Prevention of user enumeration
import express from 'express';
const app = express();
app.get('/users/:username', (req, res) => {
const { username } = req.params;
if (isUserExists(username)) {
res.status(200).json({ message: 'User exists' });
} else {
res.status(404).json({ message: 'User does not exist' });
}
});
function isUserExists(username: string): boolean {
// Check if the user exists in the database or any other data source
// Return true if the user exists, false otherwise
}
app.listen(3000, () => {
console.log('Server is running on port 3000');
});
The vulnerability in this code is user enumeration. User enumeration occurs when an attacker is able to determine whether a username exists in the system by observing different responses from the server. In this case, the code provides different responses for existent and non-existent users.

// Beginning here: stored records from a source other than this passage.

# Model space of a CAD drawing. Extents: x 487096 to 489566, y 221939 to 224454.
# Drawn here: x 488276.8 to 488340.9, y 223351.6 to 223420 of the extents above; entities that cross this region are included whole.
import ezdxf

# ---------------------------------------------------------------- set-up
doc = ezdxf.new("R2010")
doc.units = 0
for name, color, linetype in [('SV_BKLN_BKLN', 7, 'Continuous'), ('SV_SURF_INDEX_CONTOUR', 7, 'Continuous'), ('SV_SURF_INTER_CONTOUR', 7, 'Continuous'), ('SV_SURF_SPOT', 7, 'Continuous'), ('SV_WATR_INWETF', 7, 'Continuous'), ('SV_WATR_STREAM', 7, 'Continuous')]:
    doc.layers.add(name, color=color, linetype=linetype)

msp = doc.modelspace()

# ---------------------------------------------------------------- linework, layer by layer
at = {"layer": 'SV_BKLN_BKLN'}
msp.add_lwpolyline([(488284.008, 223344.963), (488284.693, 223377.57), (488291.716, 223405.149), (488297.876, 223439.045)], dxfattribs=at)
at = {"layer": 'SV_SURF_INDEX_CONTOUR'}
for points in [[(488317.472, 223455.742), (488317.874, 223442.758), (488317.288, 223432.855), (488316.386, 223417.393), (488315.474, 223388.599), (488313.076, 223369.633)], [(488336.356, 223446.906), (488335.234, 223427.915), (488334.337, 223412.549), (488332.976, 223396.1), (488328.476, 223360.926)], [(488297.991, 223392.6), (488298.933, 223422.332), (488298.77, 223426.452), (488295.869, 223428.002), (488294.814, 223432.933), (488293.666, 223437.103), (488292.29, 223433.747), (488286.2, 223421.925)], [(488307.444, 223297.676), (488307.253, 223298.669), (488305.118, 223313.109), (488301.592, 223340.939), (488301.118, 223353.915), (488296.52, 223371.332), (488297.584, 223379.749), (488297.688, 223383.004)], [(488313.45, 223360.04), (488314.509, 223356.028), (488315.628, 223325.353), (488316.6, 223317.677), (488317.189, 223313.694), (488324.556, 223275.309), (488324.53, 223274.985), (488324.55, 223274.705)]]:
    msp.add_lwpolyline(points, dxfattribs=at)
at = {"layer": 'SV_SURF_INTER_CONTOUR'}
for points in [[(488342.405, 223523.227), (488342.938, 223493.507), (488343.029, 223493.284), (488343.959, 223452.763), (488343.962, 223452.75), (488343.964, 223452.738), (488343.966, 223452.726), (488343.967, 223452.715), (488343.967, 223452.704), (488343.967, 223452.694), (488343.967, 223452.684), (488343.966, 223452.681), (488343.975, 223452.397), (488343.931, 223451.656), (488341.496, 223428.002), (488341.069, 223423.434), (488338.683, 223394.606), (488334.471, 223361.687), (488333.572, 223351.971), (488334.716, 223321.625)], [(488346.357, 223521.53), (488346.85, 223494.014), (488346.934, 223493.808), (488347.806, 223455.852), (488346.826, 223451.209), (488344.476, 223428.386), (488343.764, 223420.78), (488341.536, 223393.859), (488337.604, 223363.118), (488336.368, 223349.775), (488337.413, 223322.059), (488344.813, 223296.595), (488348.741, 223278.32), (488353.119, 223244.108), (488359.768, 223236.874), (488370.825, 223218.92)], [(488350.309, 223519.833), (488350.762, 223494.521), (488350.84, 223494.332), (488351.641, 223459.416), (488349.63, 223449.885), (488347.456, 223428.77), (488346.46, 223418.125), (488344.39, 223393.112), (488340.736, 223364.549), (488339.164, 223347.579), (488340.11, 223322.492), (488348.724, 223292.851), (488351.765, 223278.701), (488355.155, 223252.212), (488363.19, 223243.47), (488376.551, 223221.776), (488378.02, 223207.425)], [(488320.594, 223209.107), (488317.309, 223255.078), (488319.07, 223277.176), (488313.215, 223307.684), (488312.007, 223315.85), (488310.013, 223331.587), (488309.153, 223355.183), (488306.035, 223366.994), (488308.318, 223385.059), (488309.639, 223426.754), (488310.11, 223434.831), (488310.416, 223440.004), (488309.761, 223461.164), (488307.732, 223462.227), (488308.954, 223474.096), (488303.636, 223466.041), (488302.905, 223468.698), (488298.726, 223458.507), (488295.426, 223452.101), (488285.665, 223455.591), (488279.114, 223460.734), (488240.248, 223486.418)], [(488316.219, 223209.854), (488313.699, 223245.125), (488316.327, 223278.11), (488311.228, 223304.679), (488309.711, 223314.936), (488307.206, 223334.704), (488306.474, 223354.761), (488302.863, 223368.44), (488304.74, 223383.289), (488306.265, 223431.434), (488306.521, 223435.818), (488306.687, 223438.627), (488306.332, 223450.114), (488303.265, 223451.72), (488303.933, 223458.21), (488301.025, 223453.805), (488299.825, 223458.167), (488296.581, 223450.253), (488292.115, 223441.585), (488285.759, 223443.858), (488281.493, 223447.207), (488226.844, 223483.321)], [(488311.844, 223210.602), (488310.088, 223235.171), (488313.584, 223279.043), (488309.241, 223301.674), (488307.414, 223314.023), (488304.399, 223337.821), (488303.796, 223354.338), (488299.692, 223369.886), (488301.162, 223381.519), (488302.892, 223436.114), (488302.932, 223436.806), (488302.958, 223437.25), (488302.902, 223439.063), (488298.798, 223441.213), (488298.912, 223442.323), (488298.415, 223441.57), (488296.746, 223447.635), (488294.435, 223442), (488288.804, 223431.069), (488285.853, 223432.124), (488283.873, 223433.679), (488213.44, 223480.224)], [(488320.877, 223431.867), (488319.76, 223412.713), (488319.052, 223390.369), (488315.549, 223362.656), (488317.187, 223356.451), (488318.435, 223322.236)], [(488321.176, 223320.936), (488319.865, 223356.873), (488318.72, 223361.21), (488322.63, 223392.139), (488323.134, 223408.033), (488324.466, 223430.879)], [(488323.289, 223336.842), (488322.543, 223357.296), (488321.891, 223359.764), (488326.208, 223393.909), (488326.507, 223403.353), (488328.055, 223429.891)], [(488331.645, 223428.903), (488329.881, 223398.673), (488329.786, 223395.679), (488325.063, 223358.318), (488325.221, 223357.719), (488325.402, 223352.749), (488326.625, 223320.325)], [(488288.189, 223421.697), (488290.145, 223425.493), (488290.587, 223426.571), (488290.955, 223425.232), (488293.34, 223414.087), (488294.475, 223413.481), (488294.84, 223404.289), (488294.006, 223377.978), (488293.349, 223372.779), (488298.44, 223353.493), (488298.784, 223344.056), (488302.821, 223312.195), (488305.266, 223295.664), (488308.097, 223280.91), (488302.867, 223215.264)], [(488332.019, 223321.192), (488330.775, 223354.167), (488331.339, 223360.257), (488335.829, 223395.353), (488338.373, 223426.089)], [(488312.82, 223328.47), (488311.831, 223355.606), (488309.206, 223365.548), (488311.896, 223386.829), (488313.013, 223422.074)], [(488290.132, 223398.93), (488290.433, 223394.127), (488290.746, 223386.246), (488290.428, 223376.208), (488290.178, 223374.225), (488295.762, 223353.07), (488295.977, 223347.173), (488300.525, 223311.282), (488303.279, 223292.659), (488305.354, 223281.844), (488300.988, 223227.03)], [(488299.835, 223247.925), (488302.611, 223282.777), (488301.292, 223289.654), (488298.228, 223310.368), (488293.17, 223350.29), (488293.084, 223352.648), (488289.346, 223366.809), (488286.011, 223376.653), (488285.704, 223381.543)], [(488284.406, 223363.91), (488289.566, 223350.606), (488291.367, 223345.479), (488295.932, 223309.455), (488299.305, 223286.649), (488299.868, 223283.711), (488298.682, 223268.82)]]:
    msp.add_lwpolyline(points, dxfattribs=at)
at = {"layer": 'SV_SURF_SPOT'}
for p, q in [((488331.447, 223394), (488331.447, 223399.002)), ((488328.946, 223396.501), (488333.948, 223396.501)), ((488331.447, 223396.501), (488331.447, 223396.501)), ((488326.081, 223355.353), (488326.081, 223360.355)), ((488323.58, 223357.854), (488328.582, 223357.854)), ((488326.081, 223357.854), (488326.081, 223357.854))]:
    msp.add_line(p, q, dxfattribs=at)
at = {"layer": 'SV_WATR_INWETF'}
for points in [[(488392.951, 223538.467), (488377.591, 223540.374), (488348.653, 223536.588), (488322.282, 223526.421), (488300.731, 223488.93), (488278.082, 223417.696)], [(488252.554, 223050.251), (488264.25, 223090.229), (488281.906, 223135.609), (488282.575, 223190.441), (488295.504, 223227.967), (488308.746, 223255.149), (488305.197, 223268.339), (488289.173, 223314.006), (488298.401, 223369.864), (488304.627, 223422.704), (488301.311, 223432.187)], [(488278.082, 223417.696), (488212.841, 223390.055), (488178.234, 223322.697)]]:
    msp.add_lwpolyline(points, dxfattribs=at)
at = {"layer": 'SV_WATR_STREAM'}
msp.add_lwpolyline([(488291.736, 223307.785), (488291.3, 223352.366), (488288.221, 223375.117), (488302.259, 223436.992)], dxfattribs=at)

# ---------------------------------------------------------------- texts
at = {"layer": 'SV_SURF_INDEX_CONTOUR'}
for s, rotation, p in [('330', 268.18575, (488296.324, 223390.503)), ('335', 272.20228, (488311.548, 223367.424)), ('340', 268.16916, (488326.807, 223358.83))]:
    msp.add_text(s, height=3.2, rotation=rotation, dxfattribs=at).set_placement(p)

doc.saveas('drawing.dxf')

In the vulnerable code, there is an endpoint
/users/:username
that accepts a username as a parameter. When a request is made to this endpoint, the code checks if the user exists by calling the
isUserExists
function. If the user exists, a response with status code 200 and a JSON message "User exists" is returned. If the user does not exist, a response with status code 404 and a JSON message "User does not exist" is returned.
This allows an attacker to enumerate valid usernames by sending requests to the
/users/:username
endpoint and observing the different responses. By analyzing the responses, the attacker can determine which usernames exist in the system and which do not.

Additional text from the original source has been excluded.